Hope as a way to find purpose

Hope, looking for helpers, and helping itself, gets us through when something utterly unfair is happening. Hope doesn’t mean that everything will turn out ok, but it can help us to find purpose and meaning in a world that seems fundamentally unfair and difficult.

The playwright, intellectual and politician Vaclav Havel used hope as his own lifeline whilst imprisoned between 1979 and 1983. He makes clear that hope is part of the soul, to be found even in seemingly hopeless situations:

Hope, in this deep and powerful sense, is not the same as joy that things are going well, or willingness to invest in enterprises that are obviously headed for early success, but, rather, an ability to work for something because it is good, not just because it stands a chance to succeed.

vaclav havel

Havel went on to be elected President of Czechoslovakia in 1989 after hope got him through his time in prison.

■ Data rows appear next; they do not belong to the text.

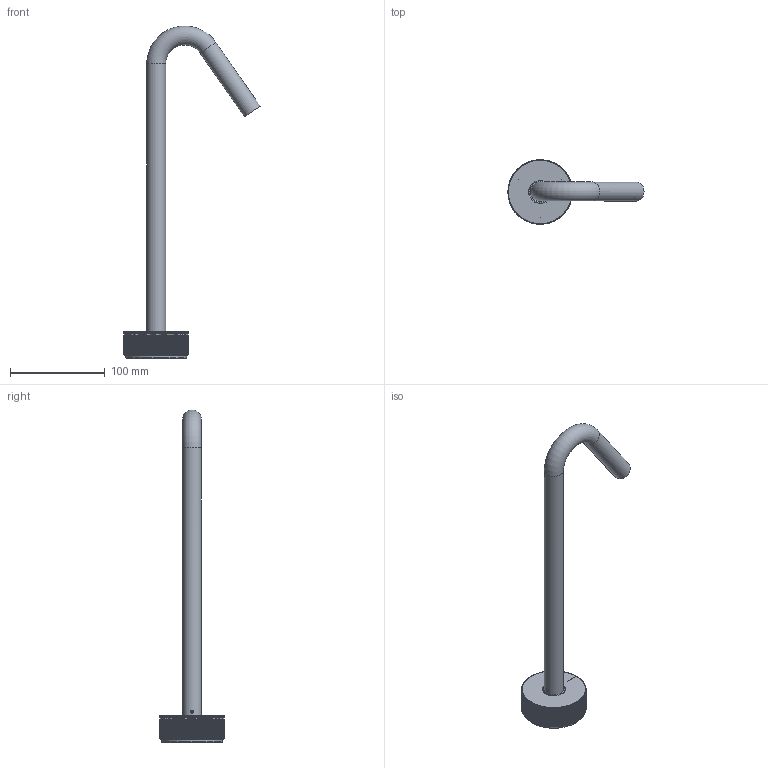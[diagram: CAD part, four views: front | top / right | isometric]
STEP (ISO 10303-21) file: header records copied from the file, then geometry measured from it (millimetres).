
FILE_DESCRIPTION(/* description */ ('Unknown'),/* implementation_level */ '2;1');
FILE_NAME(/* name */ 'RN001H',/* time_stamp */ '2023-02-11T12:19:57+01:00',/* author */ ('Unknown'),/* organization */ ('Unknown'),/* preprocessor_version */ 'ST-DEVELOPER v18.102',/* originating_system */ 'Solid Edge',/* authorisation */ 'Unknown');
FILE_SCHEMA (('AUTOMOTIVE_DESIGN {1 0 10303 214 3 1 1}'));
Length unit declared in the file: millimetre
Products named in the file (12): RN001H; RN001-09; RN001-08; RN001H-01; RN001-12; RN001-001_oa_0; RN001-03; 44.3256.450; CB003-002-1; CB003-002-2; CB003-002-3; CB003-002-4
Assembly tree (11 placements, depth 3):
  RN001H
    RN001-09
    RN001-08
    RN001H-01
    RN001-12
    RN001-001_oa_0
      RN001-03
    44.3256.450
      CB003-002-1
      CB003-002-2
      CB003-002-3
      CB003-002-4
Bounding box: 143.5 x 68 x 349.99 mm (x, y, z)
Volume: 91919.3 mm3; surface area: 77037.8 mm2
Topology: 9 solids, 9 shells, 1175 faces, 2629 edges, 1498 vertices
Faces by surface type: plane 504, cone 406, cylinder 229, torus 19, bspline 17
Full cylindrical faces by diameter (mm): 2.459 x6, 3.242 x1, 5 x3, 11.027 x2, 12.159 x1, 12.196 x1, 12.45 x1, 13.464 x1, 14.577 x1, 15 x2, 15.033 x1, 15.218 x1, 15.229 x1, 15.417 x2, 16 x1, 16.3 x1, 16.5 x2, 16.75 x1, 18 x1, 20 x2, 20.5 x1, 23.8 x1, 24 x1, 28 x1, 30 x1, 34.3 x1, 40.5 x1, 46 x1, 51 x1, 58 x1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
Entity records: 40209 total; most frequent: CARTESIAN_POINT 7843, DIRECTION 5000, ORIENTED_EDGE 4986, EDGE_CURVE 2493, AXIS2_PLACEMENT_3D 2102, VERTEX_POINT 1471, FACE_BOUND 1320, EDGE_LOOP 1314
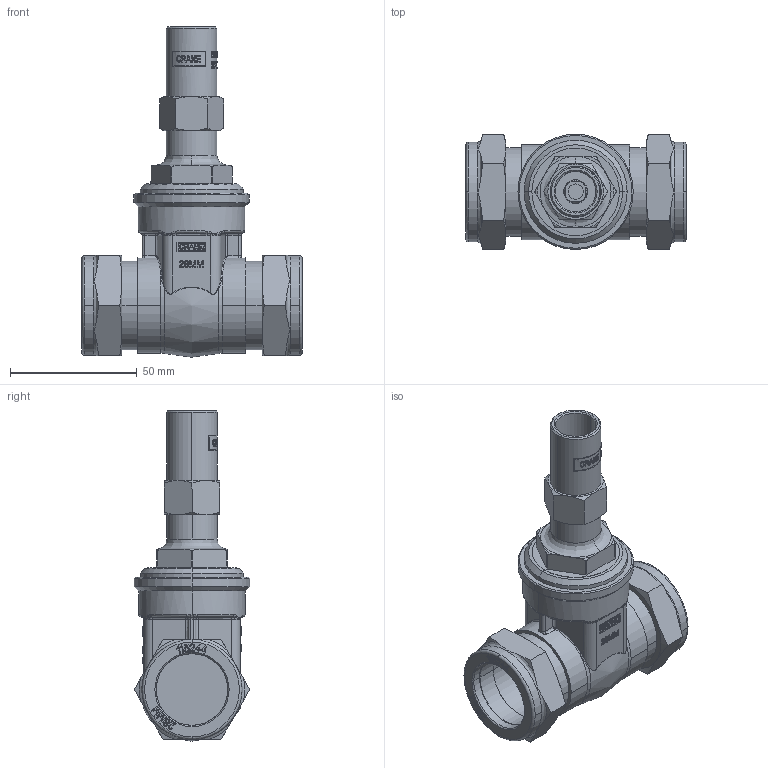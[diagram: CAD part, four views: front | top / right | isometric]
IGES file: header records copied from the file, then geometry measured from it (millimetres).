
Global section: file name: No Iges File Name specified; native system: AutoDesk Inventor R12.0; preprocessor: AutoDesk Inventor Iges Exporter R12.0; date: 20110314.110606; units: millimetre
Bounding box: 87.09 x 45.61 x 130.4 mm (x, y, z)
Volume: 131027.5 mm3; surface area: 33697.5 mm2
Topology: 1 solids, 3 shells, 1367 faces, 3594 edges, 2342 vertices
Faces by surface type: plane 627, bspline 487, cylinder 99, revolution 78, cone 54, torus 22
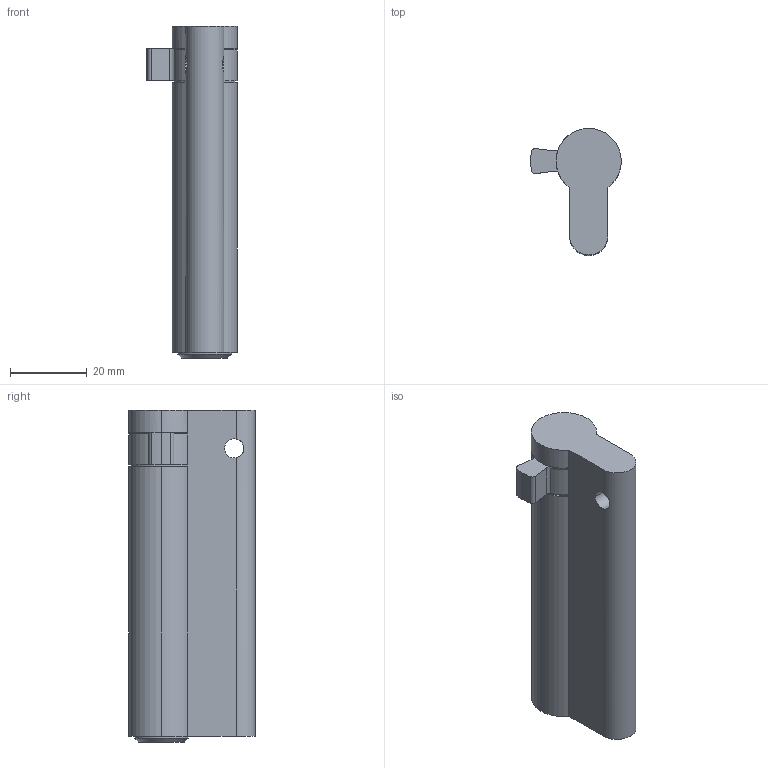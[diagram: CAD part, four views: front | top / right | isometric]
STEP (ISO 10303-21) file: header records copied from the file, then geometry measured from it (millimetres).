
FILE_DESCRIPTION (( 'STEP AP214' ), '1' );
FILE_NAME ('TPL-H-EU-515-R 29Oct2024.STEP', '2024-10-29T22:21:37', ( '' ), ( '' ), 'SwSTEP 2.0', 'SolidWorks 2023', '' );
FILE_SCHEMA (( 'AUTOMOTIVE_DESIGN' ));
Length unit declared in the file: millimetre
Products named in the file (1): TPL-H-EU-515-R 29Oct2024
Bounding box: 23.6 x 33 x 86.5 mm (x, y, z)
Volume: 32430.6 mm3; surface area: 8741.5 mm2
Topology: 1 solids, 1 shells, 46 faces, 127 edges, 80 vertices
Faces by surface type: cylinder 27, plane 16, cone 3
Entity records: 1575 total; most frequent: CARTESIAN_POINT 324, DIRECTION 278, ORIENTED_EDGE 254, EDGE_CURVE 127, AXIS2_PLACEMENT_3D 110, VERTEX_POINT 80, CIRCLE 63, VECTOR 58
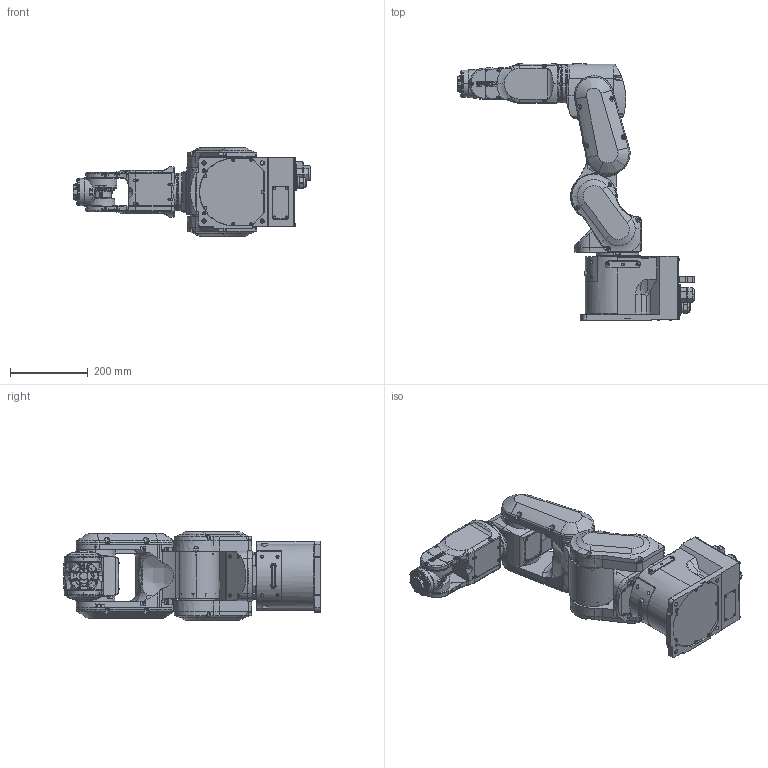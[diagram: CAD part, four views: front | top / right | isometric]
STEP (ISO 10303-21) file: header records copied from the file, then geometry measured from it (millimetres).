
FILE_DESCRIPTION (( 'STEP AP214' ), '1' );
FILE_NAME ('CX4-x601SN.STEP', '2026-07-23T20:39:53', ( '' ), ( '' ), 'SwSTEP 2.0', 'SolidWorks 2020', '' );
FILE_SCHEMA (( 'AUTOMOTIVE_DESIGN' ));
Length unit declared in the file: millimetre
Products named in the file (8): CX4-x601SN; CX4-A601S-NIW_BASE; CX4-A601S-NIW_J3; CX4-A601S-NIW_J6; CX4-A601S-NIW_J5; CX4-A601S-NIW_J2; CX4-A601S-NIW_J1; CX4-A601S-NIW_J4
Assembly tree (7 placements, depth 2):
  CX4-x601SN
    CX4-A601S-NIW_BASE
    CX4-A601S-NIW_J1
    CX4-A601S-NIW_J2
    CX4-A601S-NIW_J3
    CX4-A601S-NIW_J4
    CX4-A601S-NIW_J5
    CX4-A601S-NIW_J6
Bounding box: 613 x 662 x 228 mm (x, y, z)
Volume: 9065135 mm3; surface area: 1000903.1 mm2
Topology: 5 solids, 8 shells, 3262 faces, 8271 edges, 5158 vertices
Faces by surface type: plane 1133, cylinder 1110, cone 600, torus 287, sphere 90, bspline 42
Entity records: 148384 total; most frequent: CARTESIAN_POINT 60063, ORIENTED_EDGE 16240, DIRECTION 13011, EDGE_CURVE 8127, AXIS2_PLACEMENT_3D 5382, VERTEX_POINT 5158, B_SPLINE_CURVE_WITH_KNOTS 3712, EDGE_LOOP 3562
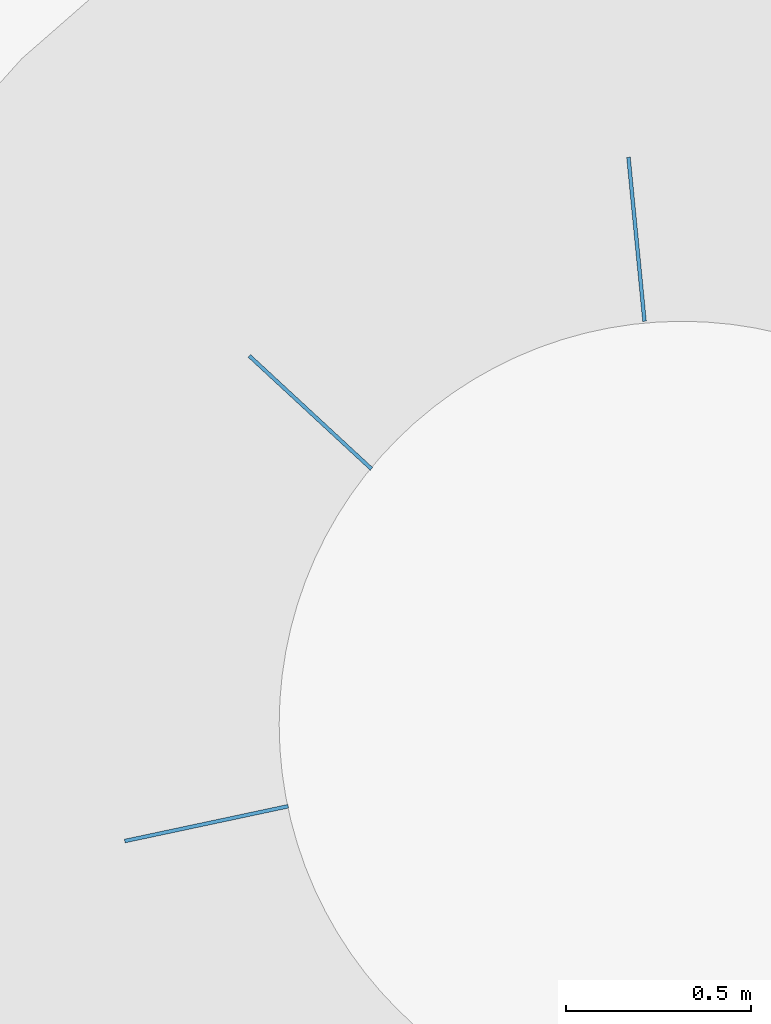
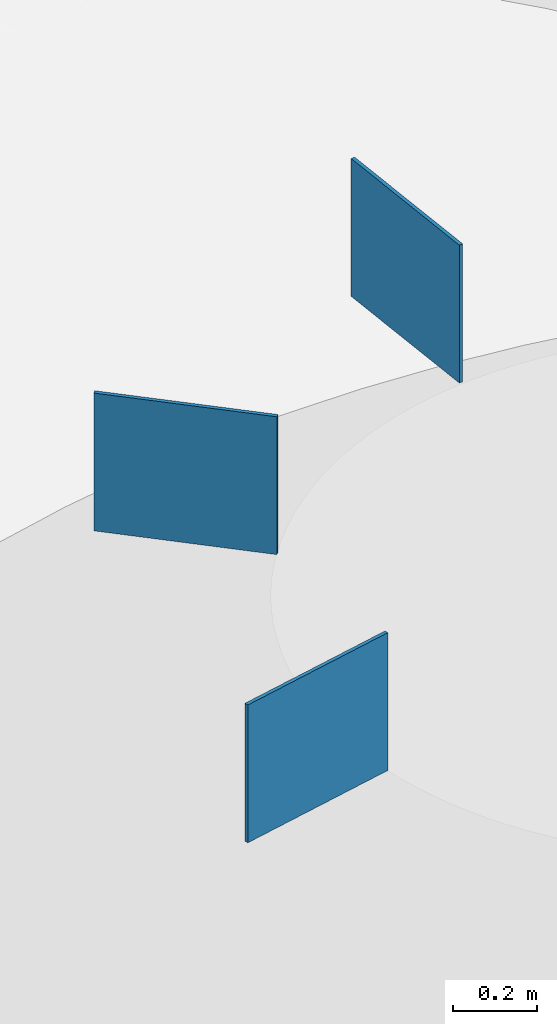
# One storey, part 40 of 75: 3 walls.
"""IFC2X3 building model written with IfcOpenShell, lengths in metres."""

from ifc_helpers import new_model, entity, si_unit, converted_unit, derived_unit, direction, frame, frame_2d, origin, place, context, subcontext, project, spatial, rectangle, extrude, material, layer, layer_set, layer_usage, type_object, element, save


model = new_model("IFC2X3")

# Units and contexts
model_context = context("Model", 3, precision=1e-05, world=origin(), true_north=direction((6.123031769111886e-17, 1.0)))
body_context = subcontext(model_context, "Body", "Model", "MODEL_VIEW")
ifc_project = project(units=[si_unit("LENGTHUNIT", "METRE"), si_unit("AREAUNIT", "SQUARE_METRE"), si_unit("VOLUMEUNIT", "CUBIC_METRE"), converted_unit("PLANEANGLEUNIT", "DEGREE", entity("IfcRatioMeasure", 0.017453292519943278), si_unit("PLANEANGLEUNIT", "RADIAN"), dimensions=[0, 0, 0, 0, 0, 0, 0]), si_unit("MASSUNIT", "GRAM", prefix="KILO"), derived_unit("MASSDENSITYUNIT", [(si_unit("MASSUNIT", "GRAM", prefix="KILO"), 1), (si_unit("LENGTHUNIT", "METRE"), -3)]), derived_unit("IONCONCENTRATIONUNIT", [(si_unit("MASSUNIT", "GRAM", prefix="KILO"), 1), (si_unit("LENGTHUNIT", "METRE"), -3)]), derived_unit("MOMENTOFINERTIAUNIT", [(si_unit("LENGTHUNIT", "METRE"), 4)]), si_unit("TIMEUNIT", "SECOND"), si_unit("FREQUENCYUNIT", "HERTZ"), si_unit("THERMODYNAMICTEMPERATUREUNIT", "DEGREE_CELSIUS"), derived_unit("THERMALTRANSMITTANCEUNIT", [(si_unit("MASSUNIT", "GRAM", prefix="KILO"), 1), (si_unit("THERMODYNAMICTEMPERATUREUNIT", "KELVIN"), -1), (si_unit("TIMEUNIT", "SECOND"), -3)]), derived_unit("THERMALCONDUCTANCEUNIT", [(si_unit("MASSUNIT", "GRAM", prefix="KILO"), 1), (si_unit("THERMODYNAMICTEMPERATUREUNIT", "KELVIN"), -1), (si_unit("TIMEUNIT", "SECOND"), -3), (si_unit("LENGTHUNIT", "METRE"), 1)]), derived_unit("VOLUMETRICFLOWRATEUNIT", [(si_unit("LENGTHUNIT", "METRE"), 3), (si_unit("TIMEUNIT", "SECOND"), -1)]), derived_unit("MASSFLOWRATEUNIT", [(si_unit("MASSUNIT", "GRAM", prefix="KILO"), 1), (si_unit("TIMEUNIT", "SECOND"), -1)]), derived_unit("ROTATIONALFREQUENCYUNIT", [(si_unit("TIMEUNIT", "SECOND"), -1)]), si_unit("ELECTRICCURRENTUNIT", "AMPERE"), si_unit("ELECTRICVOLTAGEUNIT", "VOLT"), si_unit("POWERUNIT", "WATT"), si_unit("FORCEUNIT", "NEWTON", prefix="KILO"), si_unit("ILLUMINANCEUNIT", "LUX"), si_unit("LUMINOUSFLUXUNIT", "LUMEN"), si_unit("LUMINOUSINTENSITYUNIT", "CANDELA"), derived_unit("USERDEFINED", [(si_unit("MASSUNIT", "GRAM", prefix="KILO"), -1), (si_unit("LENGTHUNIT", "METRE"), -2), (si_unit("TIMEUNIT", "SECOND"), 3), (si_unit("LUMINOUSFLUXUNIT", "LUMEN"), 1)]), derived_unit("USERDEFINED", [(si_unit("MASSUNIT", "GRAM", prefix="KILO"), 1), (si_unit("TIMEUNIT", "SECOND"), -3), (si_unit("LENGTHUNIT", "METRE"), 3), (si_unit("ELECTRICCURRENTUNIT", "AMPERE"), -2)]), derived_unit("SOUNDPOWERUNIT", [(si_unit("MASSUNIT", "GRAM", prefix="KILO"), 1), (si_unit("TIMEUNIT", "SECOND"), -3), (si_unit("LENGTHUNIT", "METRE"), 2)]), derived_unit("SOUNDPRESSUREUNIT", [(si_unit("MASSUNIT", "GRAM", prefix="KILO"), 1), (si_unit("LENGTHUNIT", "METRE"), -1), (si_unit("TIMEUNIT", "SECOND"), -2)]), derived_unit("LINEARVELOCITYUNIT", [(si_unit("LENGTHUNIT", "METRE"), 1), (si_unit("TIMEUNIT", "SECOND"), -1)]), si_unit("PRESSUREUNIT", "PASCAL"), derived_unit("USERDEFINED", [(si_unit("MASSUNIT", "GRAM", prefix="KILO"), 1), (si_unit("LENGTHUNIT", "METRE"), -2), (si_unit("TIMEUNIT", "SECOND"), -2)]), derived_unit("LINEARFORCEUNIT", [(si_unit("MASSUNIT", "GRAM", prefix="KILO"), 1), (si_unit("TIMEUNIT", "SECOND"), -2)]), derived_unit("PLANARFORCEUNIT", [(si_unit("MASSUNIT", "GRAM", prefix="KILO"), 1), (si_unit("LENGTHUNIT", "METRE"), -1), (si_unit("TIMEUNIT", "SECOND"), -2)]), derived_unit("SPECIFICHEATCAPACITYUNIT", [(si_unit("THERMODYNAMICTEMPERATUREUNIT", "KELVIN"), -1), (si_unit("LENGTHUNIT", "METRE"), 2), (si_unit("TIMEUNIT", "SECOND"), -2)]), derived_unit("HEATINGVALUEUNIT", [(si_unit("LENGTHUNIT", "METRE"), 2), (si_unit("TIMEUNIT", "SECOND"), -2)]), derived_unit("VAPORPERMEABILITYUNIT", [(si_unit("LENGTHUNIT", "METRE"), -1), (si_unit("TIMEUNIT", "SECOND"), 1)]), derived_unit("DYNAMICVISCOSITYUNIT", [(si_unit("MASSUNIT", "GRAM", prefix="KILO"), 1), (si_unit("TIMEUNIT", "SECOND"), -1), (si_unit("LENGTHUNIT", "METRE"), -1)]), derived_unit("THERMALEXPANSIONCOEFFICIENTUNIT", [(si_unit("THERMODYNAMICTEMPERATUREUNIT", "KELVIN"), -1)]), derived_unit("MODULUSOFELASTICITYUNIT", [(si_unit("MASSUNIT", "GRAM", prefix="KILO"), 1), (si_unit("LENGTHUNIT", "METRE"), -1), (si_unit("TIMEUNIT", "SECOND"), -2)]), derived_unit("ISOTHERMALMOISTURECAPACITYUNIT", [(si_unit("LENGTHUNIT", "METRE"), 3), (si_unit("MASSUNIT", "GRAM", prefix="KILO"), -1)]), derived_unit("MOISTUREDIFFUSIVITYUNIT", [(si_unit("TIMEUNIT", "SECOND"), -1), (si_unit("LENGTHUNIT", "METRE"), 2)])], contexts=[model_context])

# Site, building, storey
site_placement = place(None, origin())
site = spatial("IfcSite", under=ifc_project, at=site_placement, Name="Default", CompositionType="ELEMENT")
building_placement = place(site_placement, origin())
building = spatial("IfcBuilding", under=site, at=building_placement, Name="Projeto", CompositionType="ELEMENT")
storey_placement = place(building_placement, origin())
storey = spatial("IfcBuildingStorey", under=building, at=storey_placement, Name="Nível 1", CompositionType="ELEMENT", Elevation=0.0)

# Walls
ifc_material = material(Name=".ARQ.PIS - CONTRAPISO.ARMADO")
ifc_layer = layer(ifc_material, 0.01)
ifc_layer_set = layer_set([ifc_layer], Name="Parede básica:15cm 2")
ifc_layer_usage = layer_usage(ifc_layer_set, "AXIS2", "NEGATIVE", 0.005000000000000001)
wall_type = type_object("IfcWallType", Name="Parede básica:15cm 2", PredefinedType="STANDARD", material=ifc_layer_set)
wall_1_placement = place(storey_placement, frame((25.98389089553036, -11.970624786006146, 0.0), z_axis=(0.0, 0.0, 1.0), x_axis=(-0.9780494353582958, -0.20837298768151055, 0.0)))
element("IfcWallStandardCase", 1, at=wall_1_placement, inside=storey, type_object=wall_type, material=ifc_layer_usage, Name="Parede básica:15cm 2", ObjectType="Parede básica:15cm 2", context=body_context, shape_type="SweptSolid", body=[
    extrude(rectangle(XDim=0.4515486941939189, YDim=0.010000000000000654, at=frame_2d((0.22577434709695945, -4.570996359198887e-16), x_axis=(-1.0, 0.0))), origin(), (0.0, 0.0, 1.0), 0.4028341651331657),
])
wall_2_placement = place(storey_placement, frame((26.20900256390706, -11.059027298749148, 0.0), z_axis=(0.0, 0.0, 1.0), x_axis=(-0.7340453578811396, 0.679100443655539, 0.0)))
element("IfcWallStandardCase", 2, at=wall_2_placement, inside=storey, type_object=wall_type, material=ifc_layer_usage, Name="Parede básica:15cm 2", ObjectType="Parede básica:15cm 2", context=body_context, shape_type="SweptSolid", body=[
    extrude(rectangle(XDim=0.44999999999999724, YDim=0.009999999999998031, at=frame_2d((0.22499999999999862, -3.616898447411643e-16), x_axis=(-1.0, 0.0))), origin(), (0.0, 0.0, 1.0), 0.4028341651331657),
])
wall_3_placement = place(storey_placement, frame((26.946887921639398, -10.659922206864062, 0.0), z_axis=(0.0, 0.0, 1.0), x_axis=(-0.09735572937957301, 0.9952496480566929, 0.0)))
element("IfcWallStandardCase", 3, at=wall_3_placement, inside=storey, type_object=wall_type, material=ifc_layer_usage, Name="Parede básica:15cm 2", ObjectType="Parede básica:15cm 2", context=body_context, shape_type="SweptSolid", body=[
    extrude(rectangle(XDim=0.4451441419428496, YDim=0.01000000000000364, at=frame_2d((0.2225720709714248, 3.469446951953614e-18), x_axis=(-1.0, 0.0))), origin(), (0.0, 0.0, 1.0), 0.4028341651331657),
])

save(model, "model.ifc")

The arc of the moral universe may bend slowly towards justice, but it is up to each of us to help bend it. We must search for, uphold, and spread the truth, however gradual and imperfect the progress.

Though the present remains full of suffering and setbacks, we can make it inhabitable through acts of hope – by looking for helpers, helping others, and finding purpose and meaning. Hope fuels the spirit when circumstances seem bleak; it pushes us to keep fighting for what is right and for the truth.

We may not see the fruits of our labour in our lifetimes, but we can live with purpose knowing we stood for truth and justice. The future is uncertain, yet hope makes today inhabitable and gives us the strength to take the next step.